PARIS – Treatment with the SGLT2 inhibitor dapagliflozin produced a statistically significant 27% drop in cardiovascular death or heart failure events in patients with existing heart failure with reduced ejection fraction and no diabetes, results that in a stroke changed the status of dapagliflozin from fundamentally a drug that treats diabetes to a drug that treats heart failure.

Mitchel L. Zoler/MDedge News

“Dapagliflozin offers a new approach to the treatment of heart failure with reduced ejection fraction” (HFrEF), John McMurray, MD, said at the annual congress of the European Society of Cardiology.

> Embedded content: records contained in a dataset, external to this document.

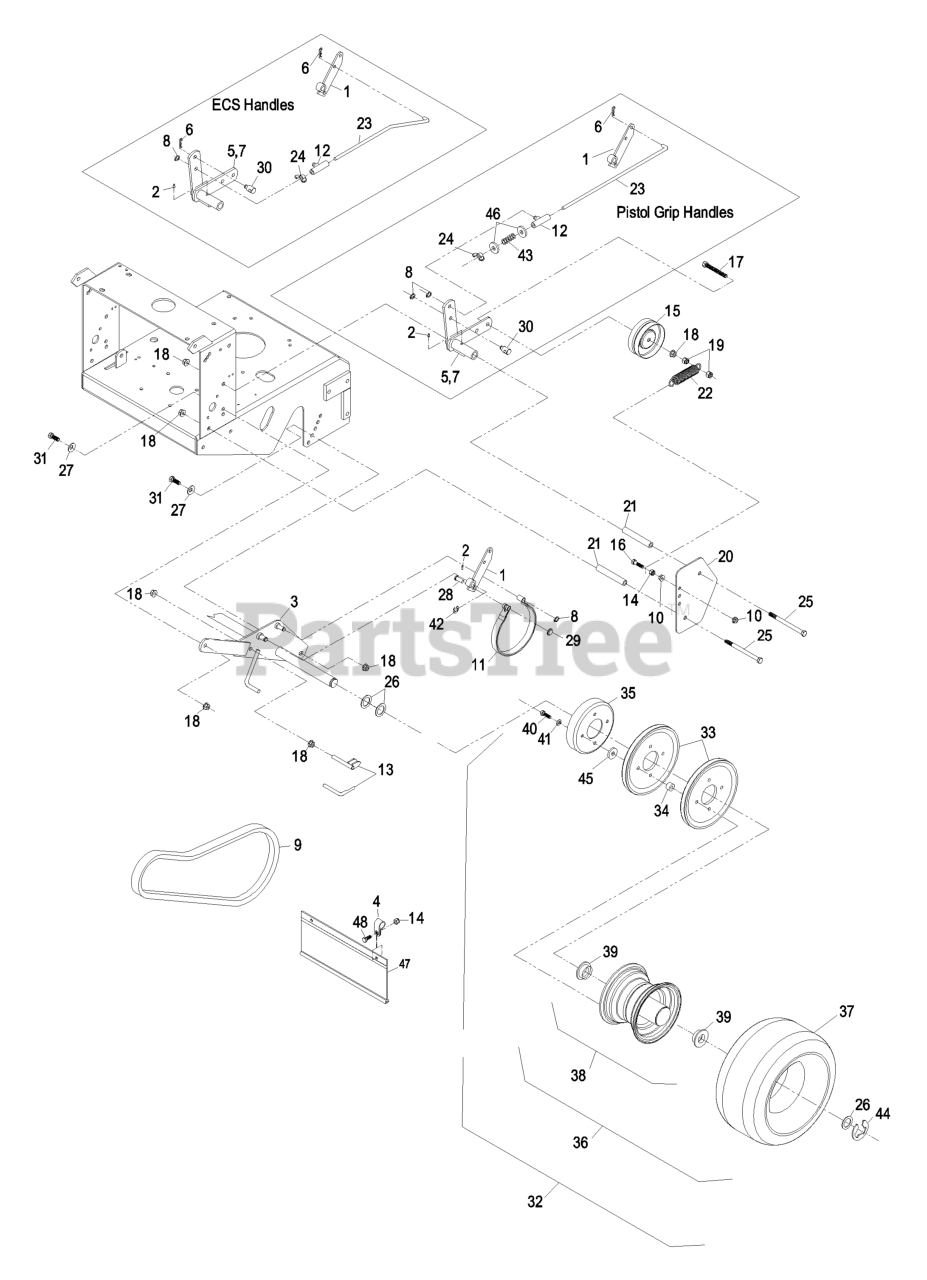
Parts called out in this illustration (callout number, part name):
1	ARM-BRAKE
2	FITTING-GREASE
3	AXLE
4	CLAMP-R
6	PIN-COTTER
8	RING-RETAINING
9	BELT,WHEEL DRIVE
11	BAND-BRAKE
13	SCRAPER
14	NUT-LOCK, NI
15	IDLER-WHEEL, DRIVE
16	SCREW-HH
17	SCREW-HH
18	NUT-HHF, WHIZ
19	NUT-LOCK, NI
20	SHIELD-WHEEL, DRIVE
21	SPACER-SHIELD
22	SPRING-EXTENSION
23	LINKAGE-BRAKE
24	WINGNUT-NYLOCK
25	SCREW-HH
26	WASHER-SPACER
27	WASHER-BELLEVILLE
28	PIN-CLEVIS
29	RING-RETAIN,PUSH,EXT,FLAT
30	SWIVEL-LEVER, DRIVE
31	SCREW-HH
33	SHEAVE-WHEEL, DRIVE
34	SPACER-SHEAVE, WHEEL
35	DRUM-BRAKE
36	WHEEL AND TIRE ASM
37	TIRE-TURFMASTER
38	WHEEL AND HUB ASM
39	BEARING-FLANGED
40	SCREW-HH
41	WASHER-LOCK
42	RING-RETAINING, EXTERNAL
43	SPRING-COMPRESSION
44	RING-SNAP
45	WASHER
46	WASHER-PLAIN
47	SHIELD-TRAILING
48	SCREW-HH

The results he reported from the DAPA-HF (Study to Evaluate the Effect of Dapagliflozin on the Incidence of Worsening Heart Failure or Cardiovascular Death in Patients With Chronic Heart Failure) trial showed statistically significant benefits when adding dapagliflozin to guideline-directed therapy for a list of outcomes that include a 17% drop in all-cause death compared with placebo, an 18% fall in cardiovascular death, and a 25% relative reduction in total heart failure hospitalizations plus cardiovascular deaths during a median follow-up of just over 18 months. The primary endpoint of the reduction in cardiovascular death, first heart failure hospitalization, or an urgent heart failure visit fell by 25% in the enrolled patients with diabetes (45% of the study population, all with type 2 diabetes), and by 27% in the remaining patients who had no diabetes, showing that the presence of diabetes had no impact on the heart failure benefit from dapagliflozin (Farxiga). The absolute reduction in the primary endpoint was about 5%, with a number needed to treat of 21 to prevent one primary endpoint during 18 months of treatment.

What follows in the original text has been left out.